[Dataset entries]

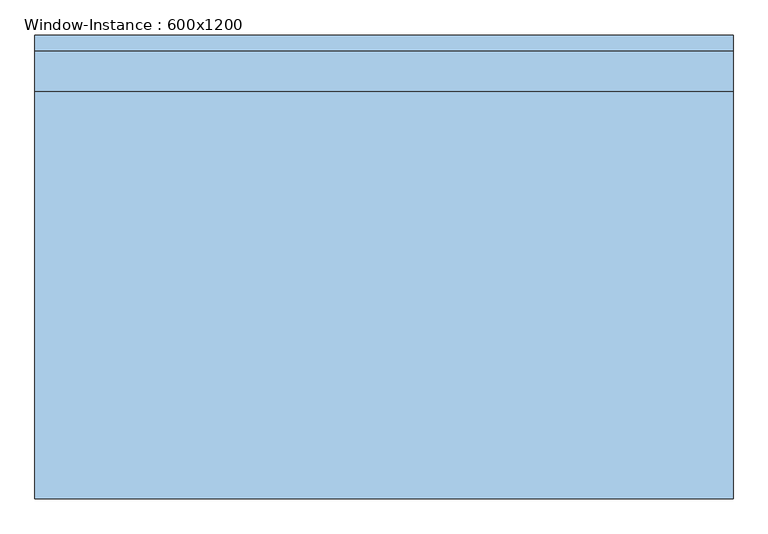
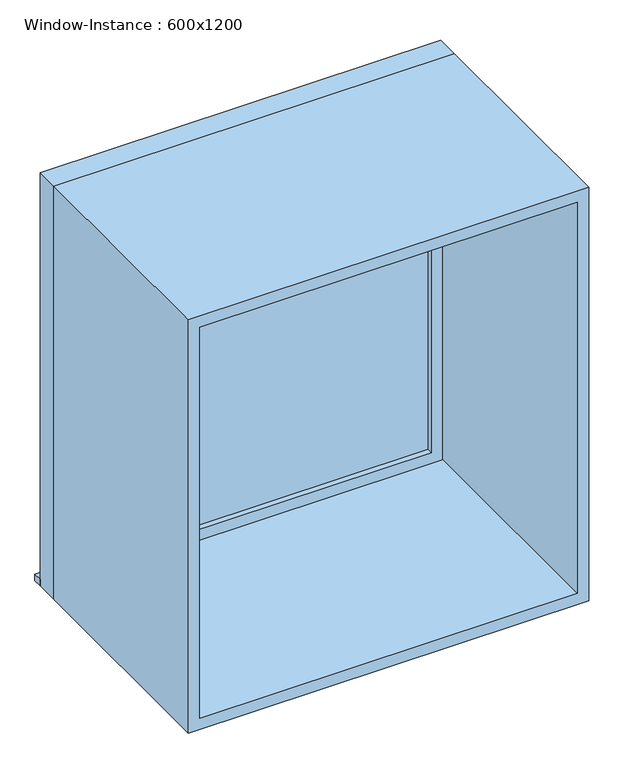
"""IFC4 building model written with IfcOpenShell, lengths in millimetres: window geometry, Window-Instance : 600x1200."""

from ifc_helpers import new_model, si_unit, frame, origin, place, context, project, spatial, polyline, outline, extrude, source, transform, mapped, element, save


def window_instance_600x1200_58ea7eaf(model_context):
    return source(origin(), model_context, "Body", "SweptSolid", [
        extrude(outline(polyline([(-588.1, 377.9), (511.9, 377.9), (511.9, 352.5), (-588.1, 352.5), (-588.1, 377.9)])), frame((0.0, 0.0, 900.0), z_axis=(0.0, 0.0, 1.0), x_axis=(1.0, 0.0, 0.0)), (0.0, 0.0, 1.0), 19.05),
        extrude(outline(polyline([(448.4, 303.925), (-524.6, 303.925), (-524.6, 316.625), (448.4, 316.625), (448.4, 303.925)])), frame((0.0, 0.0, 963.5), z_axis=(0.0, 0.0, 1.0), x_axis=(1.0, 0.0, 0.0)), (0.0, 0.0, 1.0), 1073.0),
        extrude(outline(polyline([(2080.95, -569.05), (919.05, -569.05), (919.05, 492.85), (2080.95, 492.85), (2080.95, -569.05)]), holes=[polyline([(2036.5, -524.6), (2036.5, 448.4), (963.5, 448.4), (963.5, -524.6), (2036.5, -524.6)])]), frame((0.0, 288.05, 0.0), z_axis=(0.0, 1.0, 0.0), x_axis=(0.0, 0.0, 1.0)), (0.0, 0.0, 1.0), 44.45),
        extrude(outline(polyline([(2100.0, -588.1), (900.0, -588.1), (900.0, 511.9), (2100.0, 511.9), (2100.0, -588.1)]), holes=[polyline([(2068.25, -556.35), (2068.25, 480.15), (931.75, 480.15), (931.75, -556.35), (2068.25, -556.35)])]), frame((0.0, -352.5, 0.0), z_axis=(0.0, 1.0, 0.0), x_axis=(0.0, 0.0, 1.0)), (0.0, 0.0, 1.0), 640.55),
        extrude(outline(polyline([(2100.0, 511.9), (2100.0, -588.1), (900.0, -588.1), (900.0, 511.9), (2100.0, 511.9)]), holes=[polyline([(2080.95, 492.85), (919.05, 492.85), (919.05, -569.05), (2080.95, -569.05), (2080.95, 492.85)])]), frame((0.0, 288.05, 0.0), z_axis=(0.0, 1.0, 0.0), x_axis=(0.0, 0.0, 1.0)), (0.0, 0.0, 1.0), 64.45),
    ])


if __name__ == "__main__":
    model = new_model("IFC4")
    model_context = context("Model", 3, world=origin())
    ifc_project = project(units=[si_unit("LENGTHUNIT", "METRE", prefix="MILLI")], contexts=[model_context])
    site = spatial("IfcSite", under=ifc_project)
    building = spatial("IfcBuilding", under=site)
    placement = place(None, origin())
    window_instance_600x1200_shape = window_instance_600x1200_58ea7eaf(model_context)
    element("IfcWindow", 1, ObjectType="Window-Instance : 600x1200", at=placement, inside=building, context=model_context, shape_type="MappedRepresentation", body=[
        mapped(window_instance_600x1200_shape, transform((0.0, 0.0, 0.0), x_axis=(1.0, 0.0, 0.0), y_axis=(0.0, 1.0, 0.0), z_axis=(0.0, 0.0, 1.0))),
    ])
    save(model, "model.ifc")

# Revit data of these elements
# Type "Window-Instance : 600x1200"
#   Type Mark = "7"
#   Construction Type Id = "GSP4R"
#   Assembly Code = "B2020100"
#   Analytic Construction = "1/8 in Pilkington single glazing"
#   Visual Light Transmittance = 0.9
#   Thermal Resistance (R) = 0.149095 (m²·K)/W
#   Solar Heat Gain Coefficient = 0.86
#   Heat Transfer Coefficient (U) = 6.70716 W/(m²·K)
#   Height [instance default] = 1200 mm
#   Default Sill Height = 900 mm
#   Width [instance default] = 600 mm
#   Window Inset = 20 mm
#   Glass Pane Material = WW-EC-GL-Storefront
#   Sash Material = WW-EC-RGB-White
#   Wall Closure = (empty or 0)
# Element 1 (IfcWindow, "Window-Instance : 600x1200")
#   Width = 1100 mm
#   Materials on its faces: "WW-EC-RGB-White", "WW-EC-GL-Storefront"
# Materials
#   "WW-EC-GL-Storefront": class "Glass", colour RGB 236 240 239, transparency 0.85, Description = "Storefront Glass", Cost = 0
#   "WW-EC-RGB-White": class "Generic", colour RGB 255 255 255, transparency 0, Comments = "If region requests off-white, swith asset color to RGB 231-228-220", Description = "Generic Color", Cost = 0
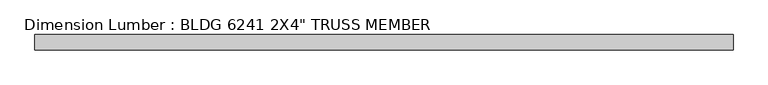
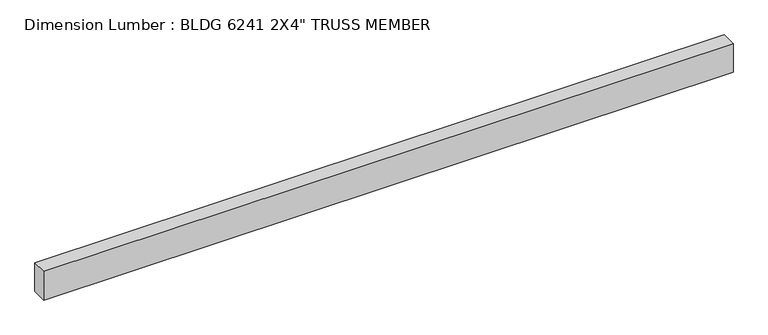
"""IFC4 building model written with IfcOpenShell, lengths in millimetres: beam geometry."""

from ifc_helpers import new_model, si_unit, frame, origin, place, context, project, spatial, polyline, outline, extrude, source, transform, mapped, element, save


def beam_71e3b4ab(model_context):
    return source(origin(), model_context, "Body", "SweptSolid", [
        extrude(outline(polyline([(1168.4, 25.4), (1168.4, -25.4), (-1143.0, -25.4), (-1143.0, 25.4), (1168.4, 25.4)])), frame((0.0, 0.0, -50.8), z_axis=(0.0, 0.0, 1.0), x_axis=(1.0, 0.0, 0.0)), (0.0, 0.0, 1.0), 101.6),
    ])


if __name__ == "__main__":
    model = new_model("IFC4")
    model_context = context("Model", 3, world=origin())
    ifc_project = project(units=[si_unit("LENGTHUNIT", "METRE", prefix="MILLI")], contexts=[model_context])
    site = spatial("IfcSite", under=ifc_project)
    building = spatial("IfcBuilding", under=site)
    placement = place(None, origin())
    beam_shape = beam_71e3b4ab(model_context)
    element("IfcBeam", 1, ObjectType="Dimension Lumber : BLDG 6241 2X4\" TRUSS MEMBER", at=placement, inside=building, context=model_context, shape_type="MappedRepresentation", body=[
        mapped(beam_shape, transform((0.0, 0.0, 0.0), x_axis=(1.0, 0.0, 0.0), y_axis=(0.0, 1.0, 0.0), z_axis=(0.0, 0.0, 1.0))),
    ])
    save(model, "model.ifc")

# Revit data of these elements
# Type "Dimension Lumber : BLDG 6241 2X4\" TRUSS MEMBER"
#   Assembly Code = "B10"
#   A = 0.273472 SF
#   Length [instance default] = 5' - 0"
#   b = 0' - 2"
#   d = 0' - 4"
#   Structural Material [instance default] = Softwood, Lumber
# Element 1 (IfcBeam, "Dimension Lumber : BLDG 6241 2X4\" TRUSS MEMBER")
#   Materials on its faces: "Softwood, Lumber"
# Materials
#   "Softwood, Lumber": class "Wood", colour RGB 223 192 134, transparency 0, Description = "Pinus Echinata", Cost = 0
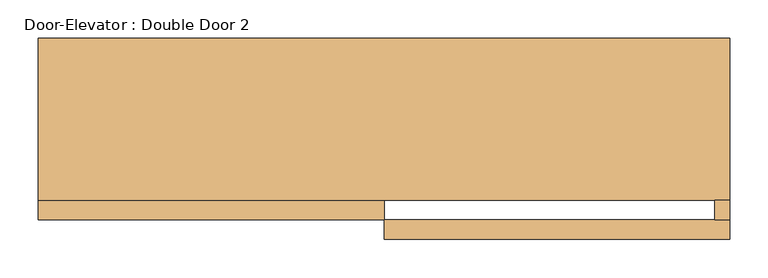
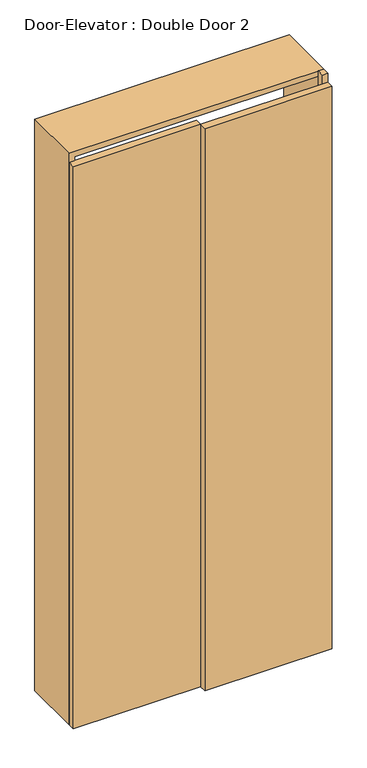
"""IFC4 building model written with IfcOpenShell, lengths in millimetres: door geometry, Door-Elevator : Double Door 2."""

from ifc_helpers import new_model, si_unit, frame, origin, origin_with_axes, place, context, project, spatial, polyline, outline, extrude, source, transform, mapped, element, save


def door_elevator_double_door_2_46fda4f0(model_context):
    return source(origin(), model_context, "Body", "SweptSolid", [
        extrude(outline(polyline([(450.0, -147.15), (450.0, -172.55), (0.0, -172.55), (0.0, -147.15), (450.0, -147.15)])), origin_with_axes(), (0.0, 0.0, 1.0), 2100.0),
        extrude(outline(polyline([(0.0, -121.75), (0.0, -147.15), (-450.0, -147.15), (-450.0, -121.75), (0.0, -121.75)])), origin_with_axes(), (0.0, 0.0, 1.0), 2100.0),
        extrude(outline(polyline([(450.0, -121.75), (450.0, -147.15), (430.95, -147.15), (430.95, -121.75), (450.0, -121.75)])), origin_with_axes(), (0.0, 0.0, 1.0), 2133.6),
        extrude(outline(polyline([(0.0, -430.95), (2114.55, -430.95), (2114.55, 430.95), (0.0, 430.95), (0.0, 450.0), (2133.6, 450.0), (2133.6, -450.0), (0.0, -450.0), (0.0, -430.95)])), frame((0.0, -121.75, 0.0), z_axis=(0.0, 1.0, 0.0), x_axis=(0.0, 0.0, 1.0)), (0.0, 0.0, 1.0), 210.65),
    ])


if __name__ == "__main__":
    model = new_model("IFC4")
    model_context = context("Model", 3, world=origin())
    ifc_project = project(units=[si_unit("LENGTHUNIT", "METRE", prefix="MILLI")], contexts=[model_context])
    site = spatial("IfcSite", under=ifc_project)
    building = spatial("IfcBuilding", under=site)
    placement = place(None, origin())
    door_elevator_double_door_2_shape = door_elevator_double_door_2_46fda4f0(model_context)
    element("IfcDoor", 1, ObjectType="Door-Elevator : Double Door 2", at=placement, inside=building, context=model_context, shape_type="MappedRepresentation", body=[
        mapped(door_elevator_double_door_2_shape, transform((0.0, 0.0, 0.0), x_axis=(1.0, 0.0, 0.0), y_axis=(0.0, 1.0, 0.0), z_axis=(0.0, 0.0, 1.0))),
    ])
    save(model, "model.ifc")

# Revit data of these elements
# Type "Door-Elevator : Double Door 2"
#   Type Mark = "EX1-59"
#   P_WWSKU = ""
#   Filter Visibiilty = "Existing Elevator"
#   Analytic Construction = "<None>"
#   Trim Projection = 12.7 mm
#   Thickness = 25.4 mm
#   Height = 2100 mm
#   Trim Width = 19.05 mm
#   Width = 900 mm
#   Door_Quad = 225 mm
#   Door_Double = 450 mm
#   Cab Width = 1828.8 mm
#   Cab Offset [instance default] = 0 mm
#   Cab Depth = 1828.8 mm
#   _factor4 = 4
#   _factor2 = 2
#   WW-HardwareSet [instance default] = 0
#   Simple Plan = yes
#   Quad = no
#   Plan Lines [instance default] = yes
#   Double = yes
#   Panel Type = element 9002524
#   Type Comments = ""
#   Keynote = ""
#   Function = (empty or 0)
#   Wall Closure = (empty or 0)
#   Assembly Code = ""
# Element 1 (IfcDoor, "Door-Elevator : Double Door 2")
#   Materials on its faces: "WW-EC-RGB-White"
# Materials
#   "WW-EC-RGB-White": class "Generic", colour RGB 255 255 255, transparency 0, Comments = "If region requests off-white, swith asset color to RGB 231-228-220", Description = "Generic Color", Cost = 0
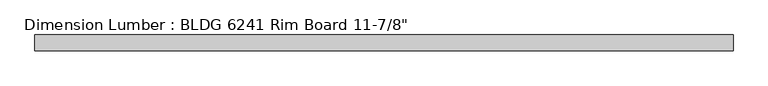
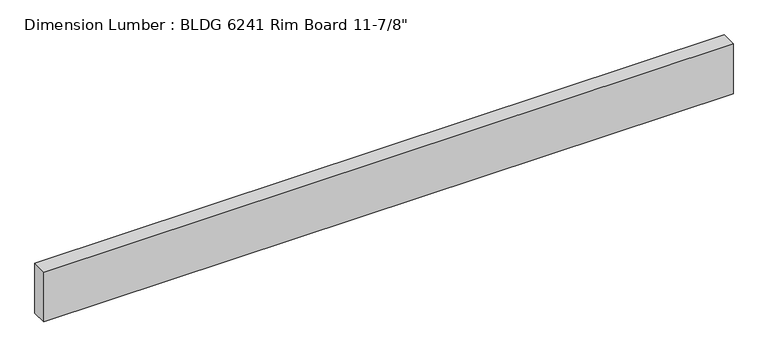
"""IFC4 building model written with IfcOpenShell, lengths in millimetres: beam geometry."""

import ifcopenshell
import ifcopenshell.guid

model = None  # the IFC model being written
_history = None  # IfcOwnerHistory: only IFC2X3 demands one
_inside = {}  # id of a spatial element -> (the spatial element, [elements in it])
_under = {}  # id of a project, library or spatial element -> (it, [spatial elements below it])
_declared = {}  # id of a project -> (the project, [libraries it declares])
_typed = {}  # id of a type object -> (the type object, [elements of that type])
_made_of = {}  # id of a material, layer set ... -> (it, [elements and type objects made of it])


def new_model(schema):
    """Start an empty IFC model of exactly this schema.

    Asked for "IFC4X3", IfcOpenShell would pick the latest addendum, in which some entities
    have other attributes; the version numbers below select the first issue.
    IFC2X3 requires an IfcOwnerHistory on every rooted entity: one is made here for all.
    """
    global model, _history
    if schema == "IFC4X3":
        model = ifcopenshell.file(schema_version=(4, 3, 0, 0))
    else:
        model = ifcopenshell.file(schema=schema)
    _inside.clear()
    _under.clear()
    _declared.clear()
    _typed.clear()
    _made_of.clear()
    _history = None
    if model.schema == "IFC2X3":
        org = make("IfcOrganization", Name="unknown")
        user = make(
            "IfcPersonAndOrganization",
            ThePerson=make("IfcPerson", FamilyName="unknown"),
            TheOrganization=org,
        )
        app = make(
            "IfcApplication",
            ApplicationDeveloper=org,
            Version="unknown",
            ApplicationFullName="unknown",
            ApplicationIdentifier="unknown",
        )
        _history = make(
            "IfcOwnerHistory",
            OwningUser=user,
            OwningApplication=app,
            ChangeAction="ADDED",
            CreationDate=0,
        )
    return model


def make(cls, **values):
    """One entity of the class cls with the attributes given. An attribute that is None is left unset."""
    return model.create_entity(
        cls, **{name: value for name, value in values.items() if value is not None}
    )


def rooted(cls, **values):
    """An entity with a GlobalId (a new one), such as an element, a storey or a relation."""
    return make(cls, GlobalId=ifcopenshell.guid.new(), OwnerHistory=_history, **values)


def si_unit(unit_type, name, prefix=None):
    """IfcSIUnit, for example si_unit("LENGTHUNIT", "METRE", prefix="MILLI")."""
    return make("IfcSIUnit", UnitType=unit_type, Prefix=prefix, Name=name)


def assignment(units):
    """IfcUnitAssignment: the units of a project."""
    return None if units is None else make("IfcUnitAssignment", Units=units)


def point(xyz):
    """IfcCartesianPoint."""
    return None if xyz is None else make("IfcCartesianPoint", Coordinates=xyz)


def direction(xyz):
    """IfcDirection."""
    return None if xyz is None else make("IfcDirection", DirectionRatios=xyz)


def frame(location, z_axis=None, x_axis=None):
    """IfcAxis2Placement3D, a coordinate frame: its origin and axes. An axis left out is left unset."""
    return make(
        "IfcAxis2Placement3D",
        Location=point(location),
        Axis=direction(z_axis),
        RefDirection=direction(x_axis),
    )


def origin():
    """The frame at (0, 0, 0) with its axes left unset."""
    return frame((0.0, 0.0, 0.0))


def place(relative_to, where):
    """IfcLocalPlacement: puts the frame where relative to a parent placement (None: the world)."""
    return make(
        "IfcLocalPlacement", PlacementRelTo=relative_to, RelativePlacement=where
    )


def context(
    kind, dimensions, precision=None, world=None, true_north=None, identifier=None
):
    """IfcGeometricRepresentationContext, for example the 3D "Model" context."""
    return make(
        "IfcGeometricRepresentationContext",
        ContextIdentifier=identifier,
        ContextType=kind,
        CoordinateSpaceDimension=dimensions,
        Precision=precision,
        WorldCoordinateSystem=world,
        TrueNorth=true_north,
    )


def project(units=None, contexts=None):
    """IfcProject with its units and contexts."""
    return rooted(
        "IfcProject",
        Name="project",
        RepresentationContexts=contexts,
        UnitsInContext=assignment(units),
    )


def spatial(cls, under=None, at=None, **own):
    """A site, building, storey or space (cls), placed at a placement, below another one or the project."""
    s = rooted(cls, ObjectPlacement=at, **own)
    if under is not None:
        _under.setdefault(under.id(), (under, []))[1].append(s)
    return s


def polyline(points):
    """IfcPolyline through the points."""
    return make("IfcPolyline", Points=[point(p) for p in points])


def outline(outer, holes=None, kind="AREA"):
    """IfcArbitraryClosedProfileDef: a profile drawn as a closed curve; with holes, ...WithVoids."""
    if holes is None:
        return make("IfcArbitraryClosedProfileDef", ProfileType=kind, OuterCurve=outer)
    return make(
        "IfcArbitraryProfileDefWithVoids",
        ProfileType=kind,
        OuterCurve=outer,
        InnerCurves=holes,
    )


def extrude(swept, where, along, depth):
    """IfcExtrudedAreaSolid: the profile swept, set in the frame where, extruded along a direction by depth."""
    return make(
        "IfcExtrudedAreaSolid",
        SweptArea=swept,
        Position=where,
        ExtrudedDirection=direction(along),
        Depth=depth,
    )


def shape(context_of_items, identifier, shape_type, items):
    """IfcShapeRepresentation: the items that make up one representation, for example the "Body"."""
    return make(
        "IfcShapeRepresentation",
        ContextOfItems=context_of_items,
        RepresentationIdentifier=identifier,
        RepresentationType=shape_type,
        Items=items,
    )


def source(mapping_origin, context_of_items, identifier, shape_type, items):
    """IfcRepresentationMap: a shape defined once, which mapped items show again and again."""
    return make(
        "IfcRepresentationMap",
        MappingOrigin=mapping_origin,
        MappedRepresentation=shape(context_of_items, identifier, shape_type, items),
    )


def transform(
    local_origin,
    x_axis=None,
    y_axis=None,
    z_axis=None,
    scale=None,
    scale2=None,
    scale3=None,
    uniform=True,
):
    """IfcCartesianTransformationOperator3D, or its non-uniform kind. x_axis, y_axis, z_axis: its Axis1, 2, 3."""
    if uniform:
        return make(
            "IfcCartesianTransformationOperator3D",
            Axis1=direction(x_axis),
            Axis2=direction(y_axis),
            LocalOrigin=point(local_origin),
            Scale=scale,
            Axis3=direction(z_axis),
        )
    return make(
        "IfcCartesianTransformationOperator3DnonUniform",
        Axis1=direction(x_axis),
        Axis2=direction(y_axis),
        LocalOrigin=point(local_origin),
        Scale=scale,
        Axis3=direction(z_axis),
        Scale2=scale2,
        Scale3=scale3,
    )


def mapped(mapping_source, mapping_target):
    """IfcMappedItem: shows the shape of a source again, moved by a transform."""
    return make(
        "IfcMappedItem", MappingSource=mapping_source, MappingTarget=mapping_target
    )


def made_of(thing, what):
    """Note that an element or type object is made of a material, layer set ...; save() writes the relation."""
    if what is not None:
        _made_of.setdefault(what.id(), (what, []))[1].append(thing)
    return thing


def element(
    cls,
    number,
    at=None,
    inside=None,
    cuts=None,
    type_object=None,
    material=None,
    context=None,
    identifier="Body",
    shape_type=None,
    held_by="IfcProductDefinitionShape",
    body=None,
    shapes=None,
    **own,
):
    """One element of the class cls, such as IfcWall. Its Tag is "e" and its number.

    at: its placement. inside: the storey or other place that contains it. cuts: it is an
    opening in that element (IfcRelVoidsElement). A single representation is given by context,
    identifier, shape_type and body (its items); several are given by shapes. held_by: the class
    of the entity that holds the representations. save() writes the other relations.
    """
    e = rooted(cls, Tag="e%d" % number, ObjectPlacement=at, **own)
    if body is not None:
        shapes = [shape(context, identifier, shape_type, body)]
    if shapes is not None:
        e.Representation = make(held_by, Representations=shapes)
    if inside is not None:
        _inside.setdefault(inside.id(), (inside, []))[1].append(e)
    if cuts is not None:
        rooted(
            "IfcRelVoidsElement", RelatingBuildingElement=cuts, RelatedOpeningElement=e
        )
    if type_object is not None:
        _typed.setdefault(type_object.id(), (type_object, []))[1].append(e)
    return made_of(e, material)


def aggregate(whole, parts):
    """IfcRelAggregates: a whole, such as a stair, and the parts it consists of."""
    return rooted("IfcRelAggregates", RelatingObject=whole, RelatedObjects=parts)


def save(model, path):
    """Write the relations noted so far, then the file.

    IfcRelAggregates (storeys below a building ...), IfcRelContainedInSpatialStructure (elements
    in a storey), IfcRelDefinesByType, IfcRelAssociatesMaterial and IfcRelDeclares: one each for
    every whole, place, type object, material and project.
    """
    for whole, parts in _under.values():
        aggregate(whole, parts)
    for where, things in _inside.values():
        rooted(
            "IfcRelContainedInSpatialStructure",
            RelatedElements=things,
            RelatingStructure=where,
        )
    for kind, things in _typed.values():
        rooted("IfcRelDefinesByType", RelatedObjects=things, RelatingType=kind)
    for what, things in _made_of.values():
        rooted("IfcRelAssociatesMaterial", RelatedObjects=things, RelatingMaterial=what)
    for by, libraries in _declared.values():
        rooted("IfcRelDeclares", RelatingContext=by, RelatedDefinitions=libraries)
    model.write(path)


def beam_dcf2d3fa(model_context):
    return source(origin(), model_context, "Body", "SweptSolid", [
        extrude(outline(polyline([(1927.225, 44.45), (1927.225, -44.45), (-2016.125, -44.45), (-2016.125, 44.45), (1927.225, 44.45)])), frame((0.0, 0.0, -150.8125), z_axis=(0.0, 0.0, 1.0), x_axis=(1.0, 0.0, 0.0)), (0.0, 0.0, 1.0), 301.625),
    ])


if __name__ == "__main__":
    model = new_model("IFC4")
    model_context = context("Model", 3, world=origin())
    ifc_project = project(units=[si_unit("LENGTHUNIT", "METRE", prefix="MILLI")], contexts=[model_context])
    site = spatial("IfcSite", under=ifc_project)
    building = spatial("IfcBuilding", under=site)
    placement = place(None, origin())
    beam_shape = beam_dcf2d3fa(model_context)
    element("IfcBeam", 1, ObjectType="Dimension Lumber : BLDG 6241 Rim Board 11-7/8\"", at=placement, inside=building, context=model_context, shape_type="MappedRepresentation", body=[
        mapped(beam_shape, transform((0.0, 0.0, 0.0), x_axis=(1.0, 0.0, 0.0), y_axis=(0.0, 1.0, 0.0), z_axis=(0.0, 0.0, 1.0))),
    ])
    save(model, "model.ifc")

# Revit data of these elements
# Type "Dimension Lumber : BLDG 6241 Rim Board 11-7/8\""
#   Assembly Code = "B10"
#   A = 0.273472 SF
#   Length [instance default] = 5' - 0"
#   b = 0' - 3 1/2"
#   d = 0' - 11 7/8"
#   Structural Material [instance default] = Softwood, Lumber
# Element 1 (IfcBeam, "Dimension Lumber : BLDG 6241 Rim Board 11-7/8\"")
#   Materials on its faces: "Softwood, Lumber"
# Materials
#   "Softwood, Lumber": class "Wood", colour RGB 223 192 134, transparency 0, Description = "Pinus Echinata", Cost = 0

**Task prompt**
If a line of the entries holds the word "IfcRelDefinesByType", copy it out.

**Exercise answer**
    in a storey), IfcRelDefinesByType, IfcRelAssociatesMaterial and IfcRelDeclares: one each for
        rooted("IfcRelDefinesByType", RelatedObjects=things, RelatingType=kind)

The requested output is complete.